Plainfield residents ask officials about street, rail projects

PLAINFIELD – Utility work for some of the older parts of Plainfield is on the five-year agenda for the village’s Public Works Department.

Plainfield Director of Public Works Allen Persons said the village is looking into future work on alleys and roads in downtown Plainfield, such as Commercial Street. His comments were prompted by a question at the monthly Plainfield Coffee with the Mayor meeting Wednesday morning.

“[These are] the oldest areas of the community,” Persons said. “They also have some of the oldest infrastructure. Water and sewer lines are more than 100 years old. And some of the old water mains are still there.”

In addition to utilities, Persons said, some of the residential roads in the downtown area have been overlaid so many times that the curbs are small or almost nonexistent at some points.

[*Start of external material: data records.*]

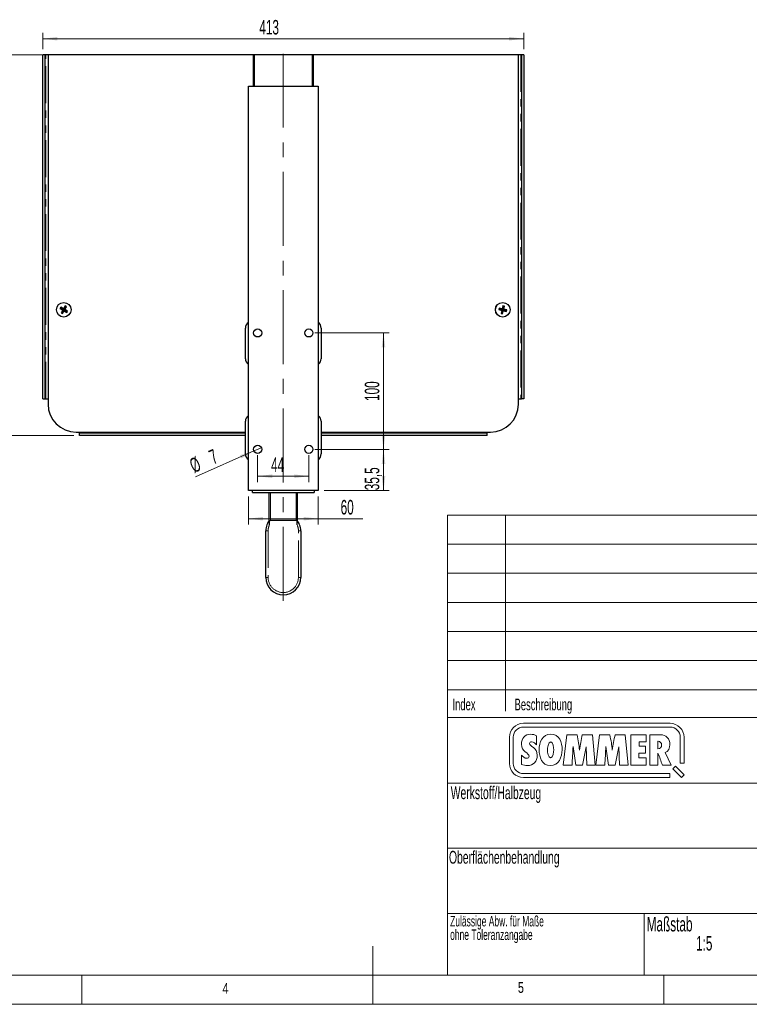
# Model space of a CAD drawing. Header units: millimetres. Extents: x 25 to 2116, y 25 to 1460.
# Tile 2 of 5: x 747 to 1373, y 25 to 871. Entities that reach past the tile are written whole.
import ezdxf

# ---------------------------------------------------------------- set-up
doc = ezdxf.new("R2010")
doc.units = ezdxf.units.MM
doc.header["$LTSCALE"] = 5
doc.linetypes.add('CENTERX2', pattern=[20.32, 12.7, -2.54, 2.54, -2.54])
doc.linetypes.add('PHANTOM', pattern=[12.7, 6.35, -1.27, 1.27, -1.27, 1.27, -1.27])
doc.styles.add('SLDTEXTSTYLE0', font='TXT', dxfattribs={"width": 0.75})
doc.styles.add('SLDTEXTSTYLE1', font='TXT', dxfattribs={"width": 0.605})
doc.dimstyles.new('SLDDIMSTYLE1', dxfattribs={"dimtxt": 12.5, "dimasz": 12.5, "dimexe": 0, "dimexo": 0.0625, "dimgap": 3.125, "dimtad": 1, "dimrnd": 1e-09, "dimzin": 12, "dimdsep": 46, "dimtxsty": 'SLDTEXTSTYLE1', "dimsah": 1, "dimcen": 0.09, "dimadec": 0, "dimazin": 3, "dimtfac": 1, "dimtofl": 0, "dimtmove": 0, "dimatfit": 3, "dimfxl": 0, "dimfrac": 2, "dimtolj": 1, "dimtzin": 12, "dimarcsym": 0})
doc.dimstyles.new('SLDDIMSTYLE2', dxfattribs={"dimtxt": 12.5, "dimasz": 12.5, "dimexe": 0, "dimexo": 0.0625, "dimgap": 3.125, "dimtad": 1, "dimrnd": 1e-09, "dimzin": 12, "dimdsep": 46, "dimtxsty": 'SLDTEXTSTYLE1', "dimblk1": 'NONE', "dimsah": 1, "dimcen": 0, "dimadec": 0, "dimazin": 3, "dimtfac": 1, "dimtmove": 0, "dimatfit": 3, "dimldrblk": 'NONE', "dimfxl": 0, "dimfrac": 2, "dimtolj": 1, "dimtzin": 12, "dimarcsym": 0})

# ---------------------------------------------------------------- blocks, each defined once
blk = doc.blocks.new('Logo_SOMMER_2016_8')
at = {"lineweight": 18}
for p, q in [((460, 150), (40, 150)), ((40, 139.1), (460, 139.1)), ((77.6, 87.9), (77.6, 114.5)), ((164.3, 117.2), (154, 30.2)), ((194, 117.2), (164.3, 117.2)), ((237.8, 117.2), (208.7, 117.2)), ((245.8, 30.2), (237.8, 117.2)), ((258.2, 117.2), (247.9, 30.2)), ((287.9, 117.2), (258.2, 117.2)), ((331.7, 117.2), (302.5, 117.2)), ((339.7, 30.2), (331.7, 117.2)), ((347.4, 117.2), (347.4, 30.2)), ((391.7, 117.2), (347.4, 117.2)), ((391.7, 96.8), (391.7, 117.2)), ((401.6, 117.2), (401.6, 30.3)), ((431.8, 117.2), (401.6, 117.2)), ((0, 110), (0, 35)), ((10.9, 35), (10.9, 110)), ((371.1, 84.3), (371.1, 96.8)), ((371.1, 96.8), (391.7, 96.8)), ((424.5, 77), (424.5, 98.4)), ((489.1, 110), (489.1, 35.9)), ((500, 35.9), (500, 110)), ((34.5, 59.1), (34.6, 59.1)), ((34.6, 59.1), (34.6, 32.4)), ((182.1, 83.5), (190.1, 30.2)), ((209.1, 30.2), (219.6, 83)), ((219.6, 83), (221.4, 30.2)), ((276, 83.5), (284, 30.2)), ((302.9, 30.2), (313.5, 83)), ((313.5, 83), (315.3, 30.2)), ((370.9, 50.7), (370.9, 64.8)), ((370.9, 64.8), (389.3, 64.8)), ((389.3, 84.3), (371.1, 84.3)), ((389.3, 64.8), (389.3, 84.3)), ((424.7, 77), (424.5, 77)), ((424.6, 30.3), (424.6, 64.8)), ((463.4, 30.2), (445.8, 66.7)), ((154, 30.2), (179.2, 30.2)), ((190.1, 30.2), (209.1, 30.2)), ((221.4, 30.2), (245.8, 30.2)), ((247.9, 30.2), (272.9, 30.2)), ((284, 30.2), (302.9, 30.2)), ((315.3, 30.2), (339.7, 30.2)), ((347.4, 30.2), (391.3, 30.2)), ((391.3, 50.7), (370.9, 50.7)), ((391.3, 30.2), (391.3, 50.7)), ((401.6, 30.3), (424.6, 30.3)), ((438, 30.2), (463.4, 30.2)), ((489.1, 35.9), (500, 35.9)), ((459.1, 5.9), (40, 5.9)), ((459.1, -5), (459.1, 5.9)), ((475.8, 26.9), (468.1, 19.2)), ((468.1, 19.2), (492.3, -5)), ((500, 2.7), (475.8, 26.9)), ((492.3, -5), (500, 2.7)), ((40, -5), (459.1, -5))]:
    blk.add_line(p, q, dxfattribs=at)
for points in [[(40, 150), (17.9, 150), (0, 132.1), (0, 110)], [(500, 110), (500, 132.1), (482.1, 150), (460, 150)], [(10.9, 110), (10.9, 126), (24, 139.1), (40, 139.1)], [(61.2, 118.6), (44, 118.6), (34.4, 106.8), (34.4, 90.2)], [(77.6, 114.5), (73.2, 117.3), (66.4, 118.6), (61.2, 118.6)], [(118.2, 119.1), (94.1, 119.1), (85.2, 94.7), (85.2, 74.3)], [(151, 74), (151, 94.8), (143, 119.1), (118.2, 119.1)], [(198, 94.2), (196.9, 101.8), (195.1, 109.4), (194, 117.2)], [(208.7, 117.2), (205.5, 102.7), (203, 88.1), (200.6, 73.4)], [(291.9, 94), (290.7, 101.8), (288.9, 109.4), (287.9, 117.2)], [(302.5, 117.2), (299.4, 102.7), (296.8, 88.1), (294.4, 73.4)], [(459.4, 88.8), (459.4, 105.9), (449.1, 117.2), (431.8, 117.2)], [(460, 139.1), (476, 139.1), (489.1, 126), (489.1, 110)], [(34.4, 90.2), (34.4, 69), (56.5, 65.1), (56.5, 55.5)], [(57.5, 92.1), (57.5, 95.1), (61, 97.1), (63.5, 97.1)], [(79.6, 58.1), (79.6, 81.7), (57.5, 83.4), (57.5, 92.1)], [(63.5, 97.1), (69.6, 97.1), (74.1, 92.3), (77.6, 87.9)], [(109.1, 72.4), (109.1, 78), (110.2, 96.8), (118.2, 96.8)], [(118.2, 96.8), (125.9, 96.8), (126.8, 79.9), (126.8, 74.3)], [(200.6, 73.4), (199.7, 80.4), (199.2, 87.3), (198, 94.2)], [(294.4, 73.4), (293.5, 80.4), (293, 87.3), (291.9, 94)], [(424.5, 98.4), (424.9, 98.4), (425.2, 98.4), (425.6, 98.4)], [(435.9, 88.1), (435.9, 81.3), (431.3, 77), (424.7, 77)], [(425.6, 98.4), (431.2, 98.5), (435.9, 93.5), (435.9, 88.1)], [(445.8, 66.7), (455.4, 66.7), (459.4, 81.2), (459.4, 88.8)], [(49.8, 49.7), (44.4, 49.7), (37.6, 54.8), (34.5, 59.1)], [(51.3, 28.7), (68.7, 28.7), (79.6, 40.9), (79.6, 58.1)], [(85.2, 74.3), (85.2, 53.9), (92.5, 28.8), (117.3, 28.8)], [(117.8, 51.1), (110.5, 51.1), (109.1, 67.2), (109.1, 72.4)], [(117.3, 28.8), (141.1, 28.8), (151, 53.6), (151, 74)], [(126.8, 74.3), (126.8, 68.4), (126.3, 51.1), (117.8, 51.1)], [(179.2, 30.2), (180.3, 47.9), (181.7, 65.8), (182.1, 83.5)], [(272.9, 30.2), (274.2, 47.9), (275.6, 65.8), (276, 83.5)], [(424.6, 64.8), (430.3, 53.7), (433.6, 41.8), (438, 30.2)], [(0, 35), (0, 12.9), (17.9, -5), (40, -5)], [(40, 5.9), (24, 5.9), (10.9, 19), (10.9, 35)], [(34.6, 32.4), (40.4, 30.5), (45.2, 28.7), (51.3, 28.7)], [(56.5, 55.5), (56.5, 52), (52.9, 49.7), (49.8, 49.7)]]:
    blk.add_open_spline(points, degree=3, dxfattribs=at)
blk = doc.blocks.new('SW_NOTE_2')
at = {"color": 0, "linetype": 'Continuous', "lineweight": 0, "char_height": 9, "attachment_point": 1, "style": 'SLDTEXTSTYLE1'}
for s, insert in [('Zulässige Abw. für Maße', (0, 11.6)), ('ohne Toleranzangabe', (0, 0))]:
    blk.add_mtext(s, dxfattribs=dict(at, insert=insert))
blk = doc.blocks.new('_D_17')
at = {"color": 1, "linetype": 'Continuous', "lineweight": 18}
for p, q in [((766.54, 845.62), (766.54, 859.48)), ((1179.54, 854.48), (766.54, 854.48)), ((1179.54, 845.62), (1179.54, 859.48))]:
    blk.add_line(p, q, dxfattribs=at)
for points in [[(766.54, 854.48), (779.04, 852.93), (779.04, 856.03)], [(1179.54, 854.48), (1167.04, 856.03), (1167.04, 852.93)]]:
    blk.add_solid(points, dxfattribs=at)
at = {"color": 1, "linetype": 'Continuous', "lineweight": 18, "insert": (952.47, 870.6), "char_height": 12.5, "attachment_point": 1, "style": 'SLDTEXTSTYLE1'}
blk.add_mtext('413', dxfattribs=at)
blk = doc.blocks.new('_D_18')
at = {"color": 1, "linetype": 'Continuous', "lineweight": 18}
for p, q in [((766.04, 840.62), (724.65, 840.62)), ((729.65, 840.62), (729.65, 513.62)), ((793.04, 513.62), (724.65, 513.62))]:
    blk.add_line(p, q, dxfattribs=at)
for points in [[(729.65, 840.62), (728.1, 828.12), (731.2, 828.12)], [(729.65, 513.62), (731.2, 526.12), (728.1, 526.12)]]:
    blk.add_solid(points, dxfattribs=at)
at = {"color": 1, "linetype": 'Continuous', "lineweight": 18, "insert": (713.53, 677.92), "char_height": 12.5, "attachment_point": 1, "rotation": 90, "style": 'SLDTEXTSTYLE1'}
blk.add_mtext('327', dxfattribs=at)
blk = doc.blocks.new('_D_19')
at = {"color": 1, "linetype": 'Continuous', "lineweight": 18}
for p, q in [((943.04, 461.24), (943.04, 437.16)), ((1003.04, 461.24), (1003.04, 437.16)), ((943.04, 442.16), (1003.04, 442.16)), ((1003.04, 442.16), (1041.39, 442.16))]:
    blk.add_line(p, q, dxfattribs=at)
for points in [[(943.04, 442.16), (955.54, 440.61), (955.54, 443.71)], [(1003.04, 442.16), (990.54, 443.71), (990.54, 440.61)]]:
    blk.add_solid(points, dxfattribs=at)
at = {"color": 1, "linetype": 'Continuous', "lineweight": 18, "insert": (1022.29, 458.27), "char_height": 12.5, "attachment_point": 1, "style": 'SLDTEXTSTYLE1'}
blk.add_mtext('60', dxfattribs=at)
blk = doc.blocks.new('_D_20')
at = {"color": 1, "linetype": 'Continuous', "lineweight": 18}
for p, q in [((1000.04, 601.74), (1064.13, 601.74)), ((1059.13, 501.74), (1059.13, 601.74)), ((1000.04, 501.74), (1064.13, 501.74))]:
    blk.add_line(p, q, dxfattribs=at)
for points in [[(1059.13, 601.74), (1057.58, 589.24), (1060.68, 589.24)], [(1059.13, 501.74), (1060.68, 514.24), (1057.58, 514.24)]]:
    blk.add_solid(points, dxfattribs=at)
at = {"color": 1, "linetype": 'Continuous', "lineweight": 18, "insert": (1043.01, 543.29), "char_height": 12.5, "attachment_point": 1, "rotation": 90, "style": 'SLDTEXTSTYLE1'}
blk.add_mtext('100', dxfattribs=at)
blk = doc.blocks.new('_D_21')
at = {"color": 1, "linetype": 'Continuous', "lineweight": 18}
for p, q in [((951.04, 496.74), (951.04, 473.65)), ((995.04, 496.74), (995.04, 473.65)), ((995.04, 478.65), (951.04, 478.65))]:
    blk.add_line(p, q, dxfattribs=at)
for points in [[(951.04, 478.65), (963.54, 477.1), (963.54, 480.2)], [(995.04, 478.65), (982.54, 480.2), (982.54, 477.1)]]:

“Ultimately, it’s in our five-year plan to replace the utilities in that area,” Persons said.

The question came from resident Keebie Bright, who bought and is maintaining the oldest home in Plainfield, on Commercial Street.

Bright was concerned about the state of the roads and that people seem to be speeding down alleyways onto Route 59.

Police Chief John Konopek said the department does not have the personnel to constantly patrol and enforce speed at the location, but he said village code mandates a 10 mph speed limit in alleyways.

“As far as traffic on Route 59, we’re looking at heavy traffic enforcement,” Konopek said. “It’s tough to set up ... because of the geography. But we are emphasizing traffic enforcement.”

CN, D Construction

Mayor Michael Collins said the sometimes-heated conversations of village staff with rail company Canadian National and Route 30 construction contractor D Construction have been fruitful.

“Ever since then, we’re happy with the progress we’ve made with both those entities,” Collins said, alluding to train stoppage issues with CN and problems during the ongoing Route 30 construction project.

“It doesn’t hurt to stir the soup sometimes,” Collins said.

Persons said the train stoppages around downtown Plainfield have almost stopped since CN moved its hotbox wheel detector from Lockport Street to Renwick Road. Also, CN likely will complete the often-delayed 135th Street grade crossing project late next week.

D Construction is well ahead of schedule on the Route 30 project, Persons said. There was a recent gas line incident that was not the fault of the contractor, but otherwise, the project is ahead of schedule.

“But I would still avoid the area, personally,” Persons said. “There are times when they will have flaggers out there stopping traffic.”